*** Block opens ***
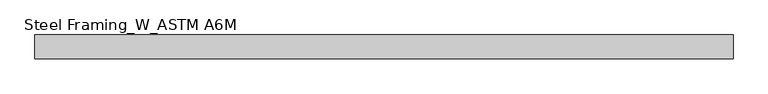
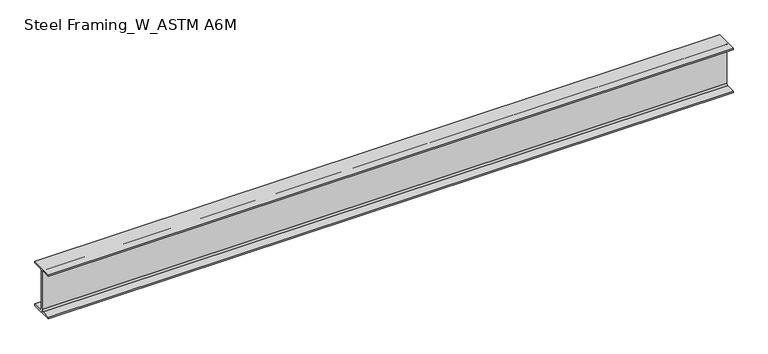
"""IFC4 building model written with IfcOpenShell, lengths in millimetres: beam geometry, Steel Framing_W_ASTM A6M : H_SB_AR_S02_W200x22.5_RB5."""

from ifc_helpers import new_model, si_unit, point, frame, frame_2d, origin, place, context, project, spatial, polyline, circle_curve, trimmed, segment, composite_curve, outline, extrude, source, transform, mapped, element, save


def steel_framing_w_astm_a6m_902f7afb(model_context):
    return source(origin(), model_context, "Body", "SweptSolid", [
        extrude(outline(composite_curve([segment(polyline([(51.0, -95.0), (51.0, -103.0), (-51.0, -103.0), (-51.0, -95.0), (-10.71, -95.0)]), True, "CONTINUOUS"), segment(trimmed(circle_curve(frame_2d((-10.71, -87.4)), 7.6), [point((-10.71, -95.0))], [point((-3.11, -87.4))], True, "CARTESIAN"), True, "CONTINUOUS"), segment(polyline([(-3.11, -87.4), (-3.11, 87.4)]), True, "CONTINUOUS"), segment(trimmed(circle_curve(frame_2d((-10.71, 87.4)), 7.6), [point((-3.11, 87.4))], [point((-10.71, 95.0))], True, "CARTESIAN"), True, "CONTINUOUS"), segment(polyline([(-10.71, 95.0), (-51.0, 95.0), (-51.0, 103.0), (51.0, 103.0), (51.0, 95.0), (10.71, 95.0)]), True, "CONTINUOUS"), segment(trimmed(circle_curve(frame_2d((10.71, 87.4)), 7.6), [point((10.71, 95.0))], [point((3.11, 87.4))], True, "CARTESIAN"), True, "CONTINUOUS"), segment(polyline([(3.11, 87.4), (3.11, -87.4)]), True, "CONTINUOUS"), segment(trimmed(circle_curve(frame_2d((10.71, -87.4)), 7.6), [point((3.11, -87.4))], [point((10.71, -95.0))], True, "CARTESIAN"), True, "CONTINUOUS"), segment(polyline([(10.71, -95.0), (51.0, -95.0)]), True, "CONTINUOUS")], self_intersect=False)), frame((-1500.0, 0.0, 0.0), z_axis=(1.0, 0.0, 0.0), x_axis=(0.0, 1.0, 0.0)), (0.0, 0.0, 1.0), 3000.0),
    ])


if __name__ == "__main__":
    model = new_model("IFC4")
    model_context = context("Model", 3, world=origin())
    ifc_project = project(units=[si_unit("LENGTHUNIT", "METRE", prefix="MILLI")], contexts=[model_context])
    site = spatial("IfcSite", under=ifc_project)
    building = spatial("IfcBuilding", under=site)
    placement = place(None, origin())
    steel_framing_w_astm_a6m_shape = steel_framing_w_astm_a6m_902f7afb(model_context)
    element("IfcBeam", 1, ObjectType="Steel Framing_W_ASTM A6M : H_SB_AR_S02_W200x22.5_RB5", at=placement, inside=building, context=model_context, shape_type="MappedRepresentation", body=[
        mapped(steel_framing_w_astm_a6m_shape, transform((0.0, 0.0, 0.0), x_axis=(1.0, 0.0, 0.0), y_axis=(0.0, 1.0, 0.0), z_axis=(0.0, 0.0, 1.0))),
    ])
    save(model, "model.ifc")

# Revit data of these elements
# Type "Steel Framing_W_ASTM A6M : H_SB_AR_S02_W200x22.5_RB5"
#   Type Mark = "RB5"
#   Section Name Key = "W8x15"
#   Width = 10.2 cm
#   Web Thickness = 0.622 cm
#   Web Fillet = 0.76 cm
#   Warping Constant = 13900.0 cm⁶
#   Torsional Moment of Inertia = 5.70 cm⁴
#   Section Area = 28.6 cm²
#   Plastic Modulus weak axis = 43.8 cm³
#   Plastic Modulus strong axis = 223.0 cm³
#   Perimeter = 0.795 m²/m
#   Nominal Weight = 22.50 kgf/m
#   Moment of Inertia weak axis = 142.00 cm⁴
#   Moment of Inertia strong axis = 2000.00 cm⁴
#   Height = 20.6 cm
#   Flange Thickness = 0.8 cm
#   Elastic Modulus weak axis = 27.9 cm³
#   Elastic Modulus strong axis = 193.0 cm³
#   Centroid Vertical = 10.3 cm
#   Centroid Horizontal = 5.1 cm
#   Length [instance default] = 1500 mm
#   Structural Material [instance default] = Steel, 45-345
#   Bolt Spacing = 0
#   Assembly Code = ""
# Element 1 (IfcBeam, "Steel Framing_W_ASTM A6M : H_SB_AR_S02_W200x22.5_RB5")
#   Materials on its faces: "Steel, 45-345"
# Materials
#   "Steel, 45-345": class "Metal", colour RGB 189 187 185, transparency 0, Description = "Steel 345 MPa", Cost = 0
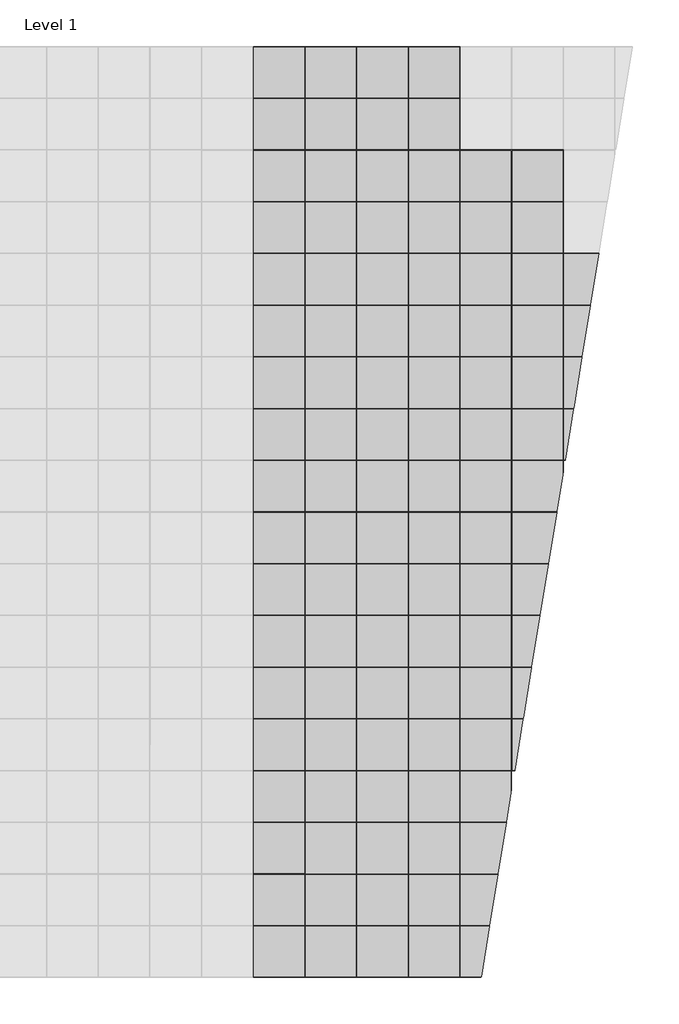
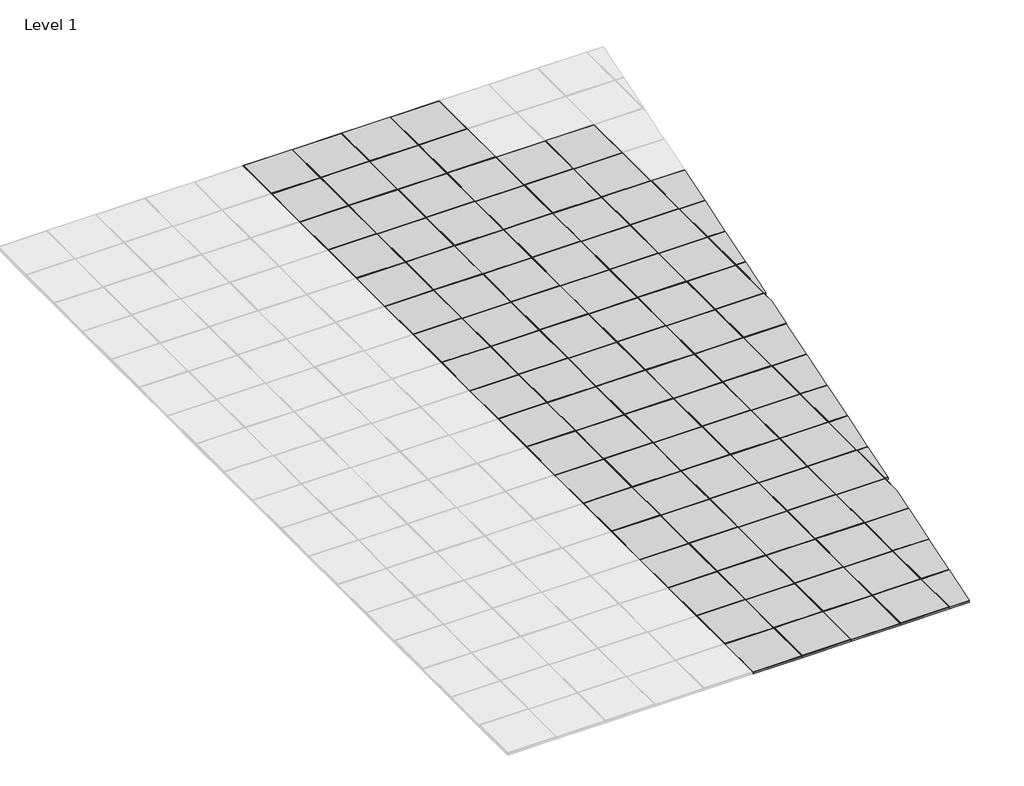
# One storey, part 2 of 18: 104 plates.
"""IFC4 building model written with IfcOpenShell, lengths in millimetres."""

import ifcopenshell
import ifcopenshell.guid

model = None  # the IFC model being written
_history = None  # IfcOwnerHistory: only IFC2X3 demands one
_inside = {}  # id of a spatial element -> (the spatial element, [elements in it])
_under = {}  # id of a project, library or spatial element -> (it, [spatial elements below it])
_declared = {}  # id of a project -> (the project, [libraries it declares])
_typed = {}  # id of a type object -> (the type object, [elements of that type])
_made_of = {}  # id of a material, layer set ... -> (it, [elements and type objects made of it])


def new_model(schema):
    """Start an empty IFC model of exactly this schema.

    Asked for "IFC4X3", IfcOpenShell would pick the latest addendum, in which some entities
    have other attributes; the version numbers below select the first issue.
    IFC2X3 requires an IfcOwnerHistory on every rooted entity: one is made here for all.
    """
    global model, _history
    if schema == "IFC4X3":
        model = ifcopenshell.file(schema_version=(4, 3, 0, 0))
    else:
        model = ifcopenshell.file(schema=schema)
    _inside.clear()
    _under.clear()
    _declared.clear()
    _typed.clear()
    _made_of.clear()
    _history = None
    if model.schema == "IFC2X3":
        org = make("IfcOrganization", Name="unknown")
        user = make(
            "IfcPersonAndOrganization",
            ThePerson=make("IfcPerson", FamilyName="unknown"),
            TheOrganization=org,
        )
        app = make(
            "IfcApplication",
            ApplicationDeveloper=org,
            Version="unknown",
            ApplicationFullName="unknown",
            ApplicationIdentifier="unknown",
        )
        _history = make(
            "IfcOwnerHistory",
            OwningUser=user,
            OwningApplication=app,
            ChangeAction="ADDED",
            CreationDate=0,
        )
    return model


def make(cls, **values):
    """One entity of the class cls with the attributes given. An attribute that is None is left unset."""
    return model.create_entity(
        cls, **{name: value for name, value in values.items() if value is not None}
    )


def rooted(cls, **values):
    """An entity with a GlobalId (a new one), such as an element, a storey or a relation."""
    return make(cls, GlobalId=ifcopenshell.guid.new(), OwnerHistory=_history, **values)


def si_unit(unit_type, name, prefix=None):
    """IfcSIUnit, for example si_unit("LENGTHUNIT", "METRE", prefix="MILLI")."""
    return make("IfcSIUnit", UnitType=unit_type, Prefix=prefix, Name=name)


def assignment(units):
    """IfcUnitAssignment: the units of a project."""
    return None if units is None else make("IfcUnitAssignment", Units=units)


def point(xyz):
    """IfcCartesianPoint."""
    return None if xyz is None else make("IfcCartesianPoint", Coordinates=xyz)


def direction(xyz):
    """IfcDirection."""
    return None if xyz is None else make("IfcDirection", DirectionRatios=xyz)


def frame(location, z_axis=None, x_axis=None):
    """IfcAxis2Placement3D, a coordinate frame: its origin and axes. An axis left out is left unset."""
    return make(
        "IfcAxis2Placement3D",
        Location=point(location),
        Axis=direction(z_axis),
        RefDirection=direction(x_axis),
    )


def origin():
    """The frame at (0, 0, 0) with its axes left unset."""
    return frame((0.0, 0.0, 0.0))


def origin_with_axes():
    """The frame at (0, 0, 0) with the z axis (0, 0, 1) and the x axis (1, 0, 0) written out."""
    return frame((0.0, 0.0, 0.0), z_axis=(0.0, 0.0, 1.0), x_axis=(1.0, 0.0, 0.0))


def place(relative_to, where):
    """IfcLocalPlacement: puts the frame where relative to a parent placement (None: the world)."""
    return make(
        "IfcLocalPlacement", PlacementRelTo=relative_to, RelativePlacement=where
    )


def context(
    kind, dimensions, precision=None, world=None, true_north=None, identifier=None
):
    """IfcGeometricRepresentationContext, for example the 3D "Model" context."""
    return make(
        "IfcGeometricRepresentationContext",
        ContextIdentifier=identifier,
        ContextType=kind,
        CoordinateSpaceDimension=dimensions,
        Precision=precision,
        WorldCoordinateSystem=world,
        TrueNorth=true_north,
    )


def project(units=None, contexts=None):
    """IfcProject with its units and contexts."""
    return rooted(
        "IfcProject",
        Name="project",
        RepresentationContexts=contexts,
        UnitsInContext=assignment(units),
    )


def spatial(cls, under=None, at=None, **own):
    """A site, building, storey or space (cls), placed at a placement, below another one or the project."""
    s = rooted(cls, ObjectPlacement=at, **own)
    if under is not None:
        _under.setdefault(under.id(), (under, []))[1].append(s)
    return s


def polyline(points):
    """IfcPolyline through the points."""
    return make("IfcPolyline", Points=[point(p) for p in points])


def outline(outer, holes=None, kind="AREA"):
    """IfcArbitraryClosedProfileDef: a profile drawn as a closed curve; with holes, ...WithVoids."""
    if holes is None:
        return make("IfcArbitraryClosedProfileDef", ProfileType=kind, OuterCurve=outer)
    return make(
        "IfcArbitraryProfileDefWithVoids",
        ProfileType=kind,
        OuterCurve=outer,
        InnerCurves=holes,
    )


def extrude(swept, where, along, depth):
    """IfcExtrudedAreaSolid: the profile swept, set in the frame where, extruded along a direction by depth."""
    return make(
        "IfcExtrudedAreaSolid",
        SweptArea=swept,
        Position=where,
        ExtrudedDirection=direction(along),
        Depth=depth,
    )


def shape(context_of_items, identifier, shape_type, items):
    """IfcShapeRepresentation: the items that make up one representation, for example the "Body"."""
    return make(
        "IfcShapeRepresentation",
        ContextOfItems=context_of_items,
        RepresentationIdentifier=identifier,
        RepresentationType=shape_type,
        Items=items,
    )


def source(mapping_origin, context_of_items, identifier, shape_type, items):
    """IfcRepresentationMap: a shape defined once, which mapped items show again and again."""
    return make(
        "IfcRepresentationMap",
        MappingOrigin=mapping_origin,
        MappedRepresentation=shape(context_of_items, identifier, shape_type, items),
    )


def transform(
    local_origin,
    x_axis=None,
    y_axis=None,
    z_axis=None,
    scale=None,
    scale2=None,
    scale3=None,
    uniform=True,
):
    """IfcCartesianTransformationOperator3D, or its non-uniform kind. x_axis, y_axis, z_axis: its Axis1, 2, 3."""
    if uniform:
        return make(
            "IfcCartesianTransformationOperator3D",
            Axis1=direction(x_axis),
            Axis2=direction(y_axis),
            LocalOrigin=point(local_origin),
            Scale=scale,
            Axis3=direction(z_axis),
        )
    return make(
        "IfcCartesianTransformationOperator3DnonUniform",
        Axis1=direction(x_axis),
        Axis2=direction(y_axis),
        LocalOrigin=point(local_origin),
        Scale=scale,
        Axis3=direction(z_axis),
        Scale2=scale2,
        Scale3=scale3,
    )


def mapped(mapping_source, mapping_target):
    """IfcMappedItem: shows the shape of a source again, moved by a transform."""
    return make(
        "IfcMappedItem", MappingSource=mapping_source, MappingTarget=mapping_target
    )


def made_of(thing, what):
    """Note that an element or type object is made of a material, layer set ...; save() writes the relation."""
    if what is not None:
        _made_of.setdefault(what.id(), (what, []))[1].append(thing)
    return thing


def element(
    cls,
    number,
    at=None,
    inside=None,
    cuts=None,
    type_object=None,
    material=None,
    context=None,
    identifier="Body",
    shape_type=None,
    held_by="IfcProductDefinitionShape",
    body=None,
    shapes=None,
    **own,
):
    """One element of the class cls, such as IfcWall. Its Tag is "e" and its number.

    at: its placement. inside: the storey or other place that contains it. cuts: it is an
    opening in that element (IfcRelVoidsElement). A single representation is given by context,
    identifier, shape_type and body (its items); several are given by shapes. held_by: the class
    of the entity that holds the representations. save() writes the other relations.
    """
    e = rooted(cls, Tag="e%d" % number, ObjectPlacement=at, **own)
    if body is not None:
        shapes = [shape(context, identifier, shape_type, body)]
    if shapes is not None:
        e.Representation = make(held_by, Representations=shapes)
    if inside is not None:
        _inside.setdefault(inside.id(), (inside, []))[1].append(e)
    if cuts is not None:
        rooted(
            "IfcRelVoidsElement", RelatingBuildingElement=cuts, RelatedOpeningElement=e
        )
    if type_object is not None:
        _typed.setdefault(type_object.id(), (type_object, []))[1].append(e)
    return made_of(e, material)


def aggregate(whole, parts):
    """IfcRelAggregates: a whole, such as a stair, and the parts it consists of."""
    return rooted("IfcRelAggregates", RelatingObject=whole, RelatedObjects=parts)


def save(model, path):
    """Write the relations noted so far, then the file.

    IfcRelAggregates (storeys below a building ...), IfcRelContainedInSpatialStructure (elements
    in a storey), IfcRelDefinesByType, IfcRelAssociatesMaterial and IfcRelDeclares: one each for
    every whole, place, type object, material and project.
    """
    for whole, parts in _under.values():
        aggregate(whole, parts)
    for where, things in _inside.values():
        rooted(
            "IfcRelContainedInSpatialStructure",
            RelatedElements=things,
            RelatingStructure=where,
        )
    for kind, things in _typed.values():
        rooted("IfcRelDefinesByType", RelatedObjects=things, RelatingType=kind)
    for what, things in _made_of.values():
        rooted("IfcRelAssociatesMaterial", RelatedObjects=things, RelatingMaterial=what)
    for by, libraries in _declared.values():
        rooted("IfcRelDeclares", RelatingContext=by, RelatedDefinitions=libraries)
    model.write(path)


def type_1_8eb2385c(model_context):
    return source(origin(), model_context, "Body", "SweptSolid", [
        extrude(outline(polyline([(1000.0, 500.0), (500.0, 500.0), (500.0, 1000.0), (1000.0, 1000.0), (1000.0, 500.0)]), holes=[polyline([(995.0, 995.0), (505.0, 995.0), (505.0, 505.0), (995.0, 505.0), (995.0, 995.0)])]), origin_with_axes(), (0.0, 0.0, 1.0), 18.0),
        extrude(outline(polyline([(505.0, 995.0), (995.0, 995.0), (995.0, 505.0), (505.0, 505.0), (505.0, 995.0)])), origin_with_axes(), (0.0, 0.0, 1.0), 20.0),
    ])


model = new_model("IFC4")

# Units and contexts
model_context = context("Model", 3, world=origin())
ifc_project = project(units=[si_unit("LENGTHUNIT", "METRE", prefix="MILLI")], contexts=[model_context])

# Site, building, storey
site = spatial("IfcSite", under=ifc_project)
building = spatial("IfcBuilding", under=site)
storey = spatial("IfcBuildingStorey", under=building, Name="Level 1", Elevation=0.0)

# Plates
placement = place(None, origin())
element("IfcPlate", 1, ObjectType="00_CPA_tegel : Type 1", at=placement, inside=storey, context=model_context, shape_type="SweptSolid", body=[
    extrude(outline(polyline([(2554.2097958, -16904.4539394), (2554.2195786, -16414.4539395), (2834.3103439, -16414.4595315), (2754.6354735, -16904.4579409), (2554.2097958, -16904.4539394)])), frame((0.0, 0.0, 1000.0), z_axis=(0.0, 0.0, 1.0), x_axis=(1.0, 0.0, 0.0)), (0.0, 0.0, 1.0), 20.0),
    extrude(outline(polyline([(2549.209696, -16909.4538396), (2549.2196784, -16409.4538397), (2835.1233527, -16409.4595477), (2834.3103439, -16414.4595315), (2554.2195786, -16414.4539395), (2554.2097958, -16904.4539394), (2754.6354735, -16904.4579409), (2753.8224647, -16909.4579246), (2549.209696, -16909.4538396)])), frame((0.0, 0.0, 1000.0), z_axis=(0.0, 0.0, 1.0), x_axis=(1.0, 0.0, 0.0)), (0.0, 0.0, 1.0), 18.0),
])
element("IfcPlate", 2, ObjectType="00_CPA_tegel : Type 1", at=placement, inside=storey, context=model_context, shape_type="SweptSolid", body=[
    extrude(outline(polyline([(2554.2197783, -16404.4539395), (2554.229561, -15914.4539396), (2915.6112321, -15914.4611545), (2835.9363617, -16404.4595639), (2554.2197783, -16404.4539395)])), frame((0.0, 0.0, 1000.0), z_axis=(0.0, 0.0, 1.0), x_axis=(1.0, 0.0, 0.0)), (0.0, 0.0, 1.0), 20.0),
    extrude(outline(polyline([(2549.2196784, -16409.4538397), (2549.2296609, -15909.4538398), (2916.424241, -15909.4611708), (2915.6112321, -15914.4611545), (2554.229561, -15914.4539396), (2554.2197783, -16404.4539395), (2835.9363617, -16404.4595639), (2835.1233528, -16409.4595477), (2549.2196784, -16409.4538397)])), frame((0.0, 0.0, 1000.0), z_axis=(0.0, 0.0, 1.0), x_axis=(1.0, 0.0, 0.0)), (0.0, 0.0, 1.0), 18.0),
])
element("IfcPlate", 3, ObjectType="00_CPA_tegel : Type 1", at=placement, inside=storey, context=model_context, shape_type="SweptSolid", body=[
    extrude(outline(polyline([(2554.2297607, -15904.4539396), (2554.2395435, -15414.4539397), (2996.9121201, -15414.4627776), (2917.2372499, -15904.461187), (2554.2297607, -15904.4539396)])), frame((0.0, 0.0, 1000.0), z_axis=(0.0, 0.0, 1.0), x_axis=(1.0, 0.0, 0.0)), (0.0, 0.0, 1.0), 20.0),
    extrude(outline(polyline([(2549.2296609, -15909.4538398), (2549.2396433, -15409.4538399), (2997.7251291, -15409.4627938), (2996.9121203, -15414.4627776), (2554.2395435, -15414.4539397), (2554.2297607, -15904.4539396), (2917.2372499, -15904.461187), (2916.424241, -15909.4611708), (2549.2296609, -15909.4538398)])), frame((0.0, 0.0, 1000.0), z_axis=(0.0, 0.0, 1.0), x_axis=(1.0, 0.0, 0.0)), (0.0, 0.0, 1.0), 18.0),
])
element("IfcPlate", 4, ObjectType="00_CPA_tegel : Type 1", at=placement, inside=storey, context=model_context, shape_type="SweptSolid", body=[
    extrude(outline(polyline([(2554.2397431, -15404.4539397), (2554.2495259, -14914.4539398), (3044.2495258, -14914.4637226), (3044.2453551, -15123.3645971), (2998.538138, -15404.4628101), (2554.2397431, -15404.4539397)])), frame((0.0, 0.0, 1000.0), z_axis=(0.0, 0.0, 1.0), x_axis=(1.0, 0.0, 0.0)), (0.0, 0.0, 1.0), 20.0),
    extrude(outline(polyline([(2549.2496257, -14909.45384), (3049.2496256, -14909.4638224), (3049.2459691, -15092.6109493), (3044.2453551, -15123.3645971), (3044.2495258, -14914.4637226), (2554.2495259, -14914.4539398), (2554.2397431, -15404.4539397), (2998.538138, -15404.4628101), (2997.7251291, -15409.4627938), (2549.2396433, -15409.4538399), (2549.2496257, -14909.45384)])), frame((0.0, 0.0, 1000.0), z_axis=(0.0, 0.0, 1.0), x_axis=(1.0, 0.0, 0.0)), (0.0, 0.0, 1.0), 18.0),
*** Block closes ***
What the task asks: Scan the material above for lines that contain the string "Materials", and copy each such line.

Response:
#   Materials on its faces: "Steel, 45-345"
# Materials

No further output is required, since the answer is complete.